During Colonial times, a mast landing was located just below Mallison Falls. Pine trees with diameters of 2 or more feet were cut and carried overland to this spot. From here, the trees were floated to tidewater for ships bound for England.

The river was the only thoroughfare available to early settlers and was key to the settlement of Westbrook, Gorham and Windham.

Downstream on the Windham side of the river, about a mile from the river on Anderson Road, stands a wooden marker, "Site of Chief Polin's Death, May 14, 1756."

The story of Polin is an early example of the conflict that has marked this river for nearly four centuries.

Polin led a band of people merged from the Abenaki and Pennacook tribes. The natives, who had long depended on sea-run fish as a food and fertilizer for their crops, claimed fishing rights on the river.

The river was once abundant in salmon, shad and alewives, according to the writings of early settlers.

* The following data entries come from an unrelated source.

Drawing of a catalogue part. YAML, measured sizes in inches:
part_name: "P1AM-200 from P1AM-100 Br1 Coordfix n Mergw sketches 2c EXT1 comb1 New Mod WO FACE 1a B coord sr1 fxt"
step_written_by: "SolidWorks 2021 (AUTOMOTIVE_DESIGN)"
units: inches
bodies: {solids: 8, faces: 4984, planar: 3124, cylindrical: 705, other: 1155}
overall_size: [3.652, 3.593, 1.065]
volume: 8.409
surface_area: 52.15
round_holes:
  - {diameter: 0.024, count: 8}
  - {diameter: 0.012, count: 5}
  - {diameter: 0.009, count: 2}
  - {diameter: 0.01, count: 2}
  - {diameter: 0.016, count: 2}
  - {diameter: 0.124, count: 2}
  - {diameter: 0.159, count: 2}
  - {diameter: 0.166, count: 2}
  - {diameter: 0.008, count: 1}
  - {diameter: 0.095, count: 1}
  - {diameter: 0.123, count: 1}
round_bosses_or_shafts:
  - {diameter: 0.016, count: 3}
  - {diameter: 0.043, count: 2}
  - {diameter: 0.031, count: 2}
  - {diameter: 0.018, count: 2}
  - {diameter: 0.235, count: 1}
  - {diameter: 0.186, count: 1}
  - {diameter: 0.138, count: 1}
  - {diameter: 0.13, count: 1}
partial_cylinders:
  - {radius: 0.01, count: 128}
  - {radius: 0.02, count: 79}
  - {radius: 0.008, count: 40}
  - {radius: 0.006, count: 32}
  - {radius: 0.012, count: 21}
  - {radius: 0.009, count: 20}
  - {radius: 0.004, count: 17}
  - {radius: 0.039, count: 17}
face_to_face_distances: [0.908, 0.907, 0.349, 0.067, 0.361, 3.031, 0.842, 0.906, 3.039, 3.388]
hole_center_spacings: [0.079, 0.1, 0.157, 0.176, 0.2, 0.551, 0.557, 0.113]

But the settlers saw the river as a source of power and wealth. The first dam was built in Falmouth in 1732, and others soon followed. The dams ran the mills, which produced lumber, paper, pulp, flour, textiles, sails and silk. The mill owners often fought among themselves over claims to water rights.

According to historical sources, Polin traveled to Boston, where he urged the Massachusetts governor to allow fish to pass the dams. Although the governor agreed fishways should be built, his orders were unenforceable on the Maine frontier.

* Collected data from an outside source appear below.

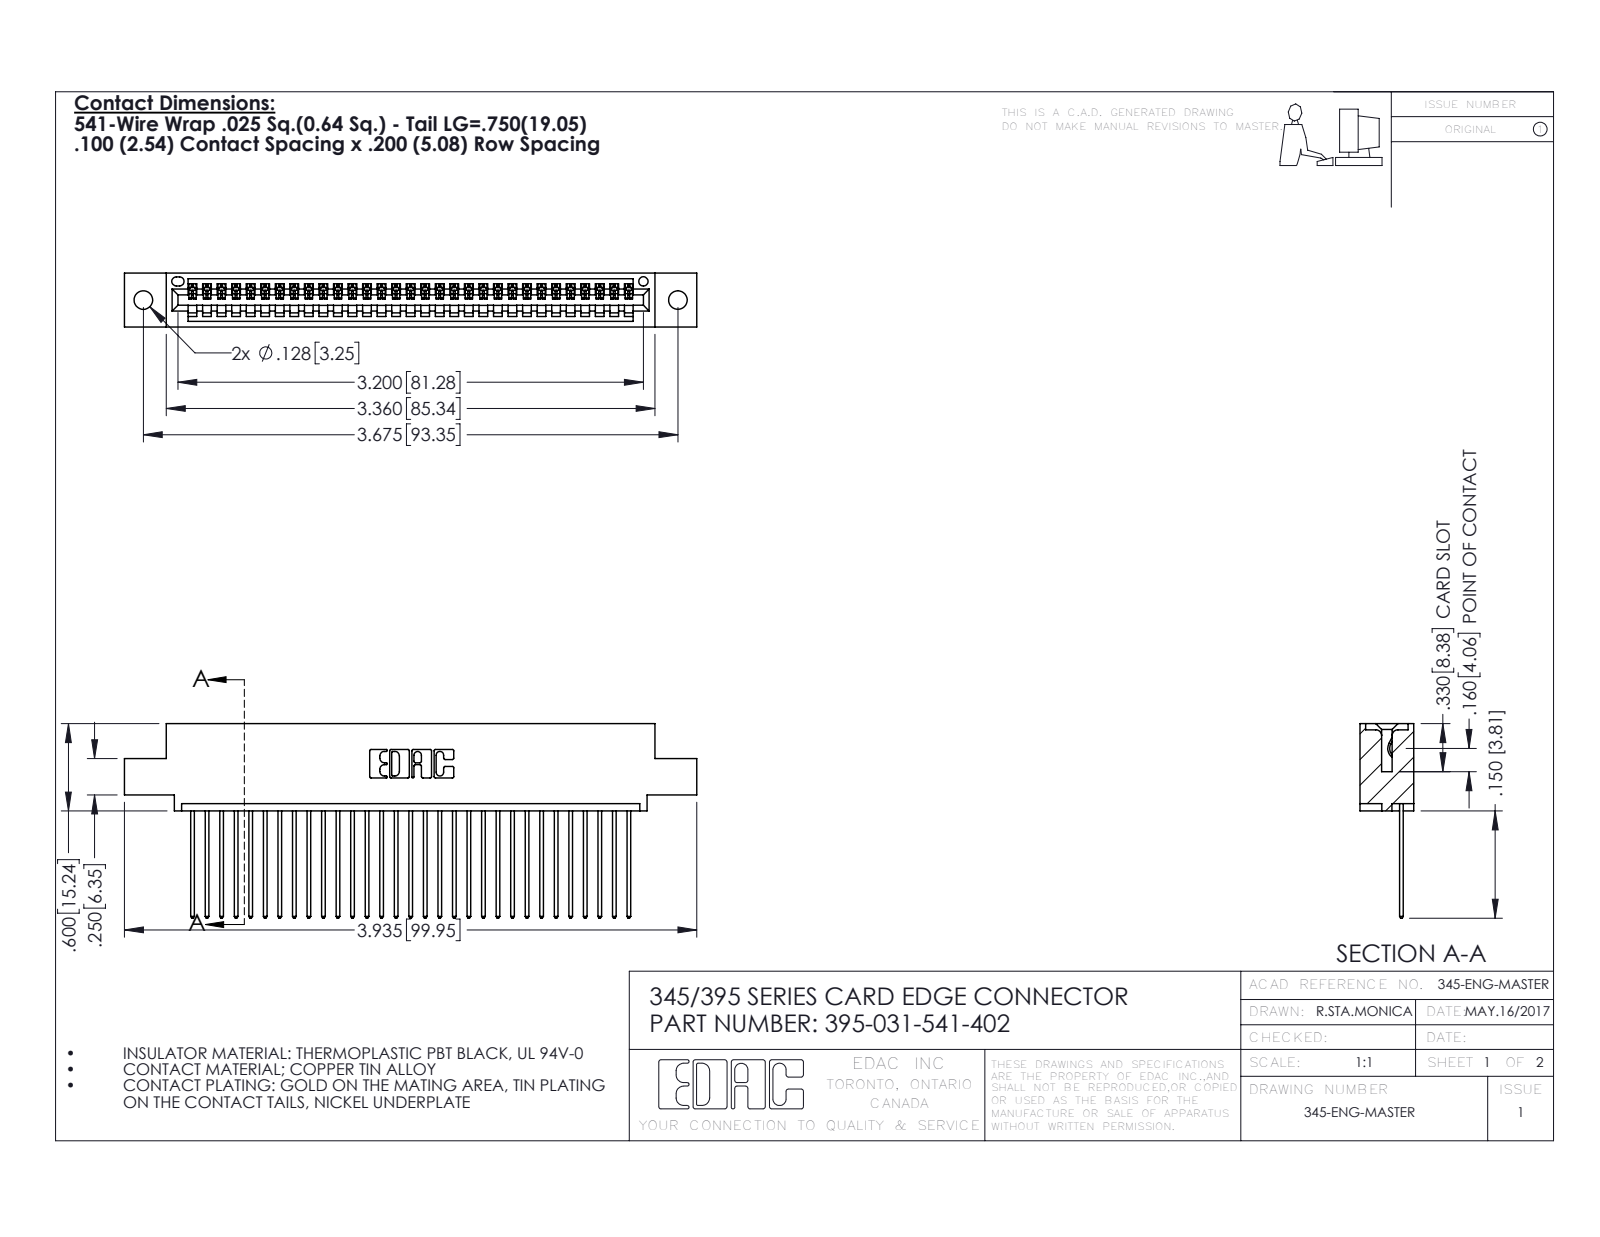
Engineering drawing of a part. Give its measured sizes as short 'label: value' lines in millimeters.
name: 345-292-001_345-293-141; 345 Part_0.110 Offset - 0.128 Dia; 395-031-541-402
written by: SolidWorks 2016 (CONFIG_CONTROL_DESIGN)
unit: mm
bodies: 32 solids, 1928 faces (1324 planar, 604 cylindrical, 0 other)
size: 99.9 × 34 × 9.4
volume: 9 390 mm³; area: 12 750 mm²
holes: 2× ⌀3.3, 1× ⌀1.6
rounds: 62× R0.2, 62× R0.3, 22× R0.3, 6× R0.2, 6× R0.8, 3× R0.7, 2× R0.8, 2× R1
face distances: 1.8, 7.6, 2.5, 6.9, 0.6, 9.4, 5.1, 5.7, 3.8, 1.8
hole spacings: 6.9, 87.4, 93.3
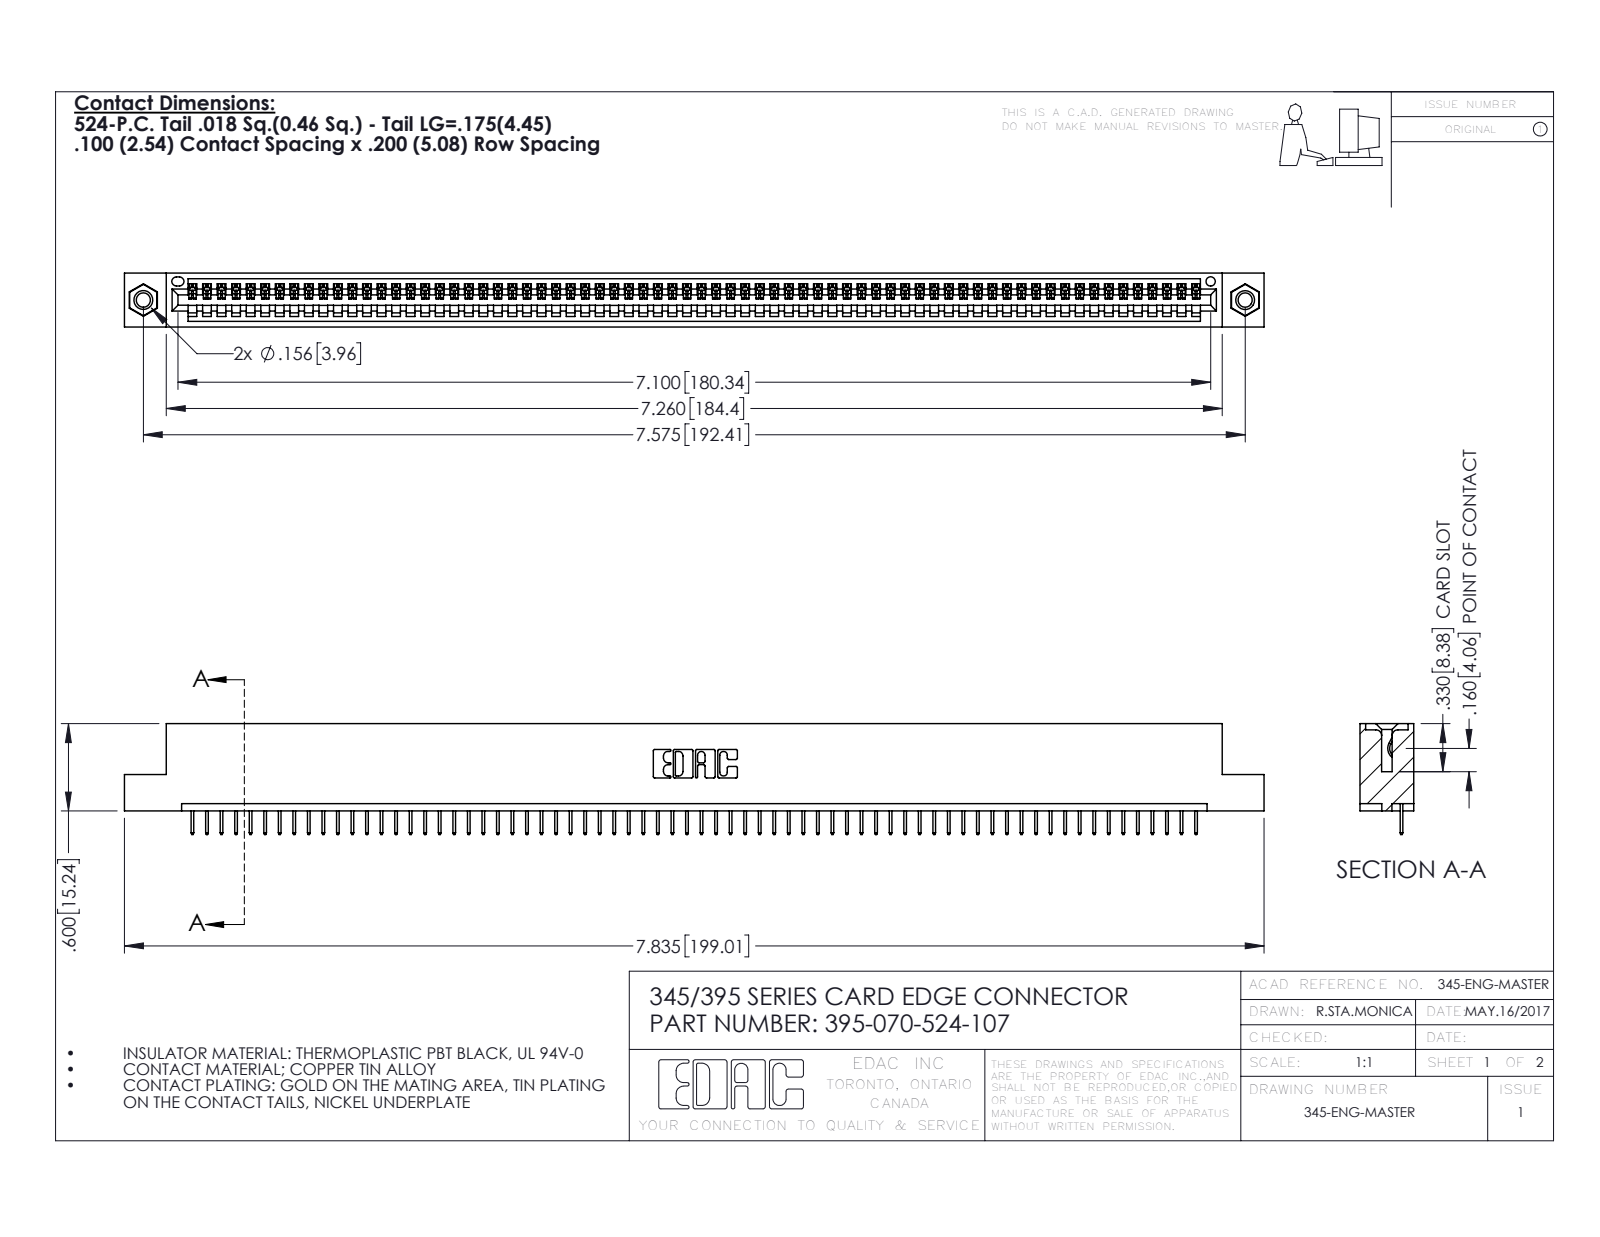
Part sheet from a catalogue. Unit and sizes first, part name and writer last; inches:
Units: inches
Overall size (bounding box): 7.835 × 0.762 × 0.37
Round holes (diameter × count): ⌀0.098 ×2, ⌀0.125 ×2, ⌀0.156 ×2, ⌀0.064 ×1
Round bosses / shafts (diameter × count): ⌀0.155 ×2
Partial cylindrical surfaces — rounded edges, fillets, slot ends (radius × count): R0.006 ×140, R0.01 ×22, R0.007 ×6, R0.031 ×6, R0.026 ×3, R0.031 ×2, R0.04 ×2, R0.014 ×1
Main face-to-face distances: 0.072, 0.298, 0.37, 0.2, 0.098, 0.272, 0.025, 0.225, 0.072, 0.149
Hole centre spacings: 0.27, 7.339, 7.575
Volume: 1.15 in³ · Surface area: 38.08 in²
Bodies: 73 solids, 4526 faces (3332 planar, 1178 cylindrical, 16 other)
Part name (STEP PRODUCT): 345 Part_Flush Mounting Lugs - 0.156 Dia-TI; 395-070-524-107; 345-250-001_345-250-005-103; 345-292-001_345-293-124
STEP written by: SolidWorks 2016 (CONFIG_CONTROL_DESIGN)

Enraged, Polin and his warriors began raiding settlements along the river. In the spring of 1756, he and his group of warriors paddled down the Presumpscot for a surprise attack on a settlement at present-day Windham. They found a group of farmers cultivating their fields while eight heavily armed men kept guard.

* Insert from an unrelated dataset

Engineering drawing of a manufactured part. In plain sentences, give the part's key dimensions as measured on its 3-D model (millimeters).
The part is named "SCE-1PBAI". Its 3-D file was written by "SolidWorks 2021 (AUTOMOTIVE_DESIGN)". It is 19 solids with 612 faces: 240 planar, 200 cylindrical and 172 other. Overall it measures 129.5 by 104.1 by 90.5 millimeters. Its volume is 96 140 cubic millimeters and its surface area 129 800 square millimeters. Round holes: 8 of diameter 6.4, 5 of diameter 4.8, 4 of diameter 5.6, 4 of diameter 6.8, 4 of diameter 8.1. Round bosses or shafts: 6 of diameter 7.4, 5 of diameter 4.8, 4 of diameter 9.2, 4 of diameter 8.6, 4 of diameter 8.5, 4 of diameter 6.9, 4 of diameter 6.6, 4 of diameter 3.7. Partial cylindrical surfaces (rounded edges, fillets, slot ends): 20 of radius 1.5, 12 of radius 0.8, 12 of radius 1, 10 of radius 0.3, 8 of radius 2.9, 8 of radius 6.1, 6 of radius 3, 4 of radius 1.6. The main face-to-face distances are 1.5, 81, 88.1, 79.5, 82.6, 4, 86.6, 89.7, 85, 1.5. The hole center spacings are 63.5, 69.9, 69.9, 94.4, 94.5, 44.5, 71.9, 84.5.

Polin's band sprang from the woods and killed two farmers who had gotten ahead of the main group. On hearing the shots, half of the guards fled to the settlement's garrison, and the other half moved forward and traded fire with the Indians. Both sides took cover behind trees. Polin fired and missed. While he was reloading his musket, one of the guards shot from 30 feet away and killed him instantly. The Indians, who "made the air sound with yells of rage," according to one account, carried their dead chieftain back to their canoes and paddled upriver to Sebago.

There, according to oral tradition, they buried him beneath the roots of a beech tree.

Chief Polin's death "put an end to all further trouble with the Indians in this vicinity," wrote Samuel Thomas Dole, a Windham historian who lived in the late 1800s. "They never again attempted to disturb the whites in their occupancy of the land."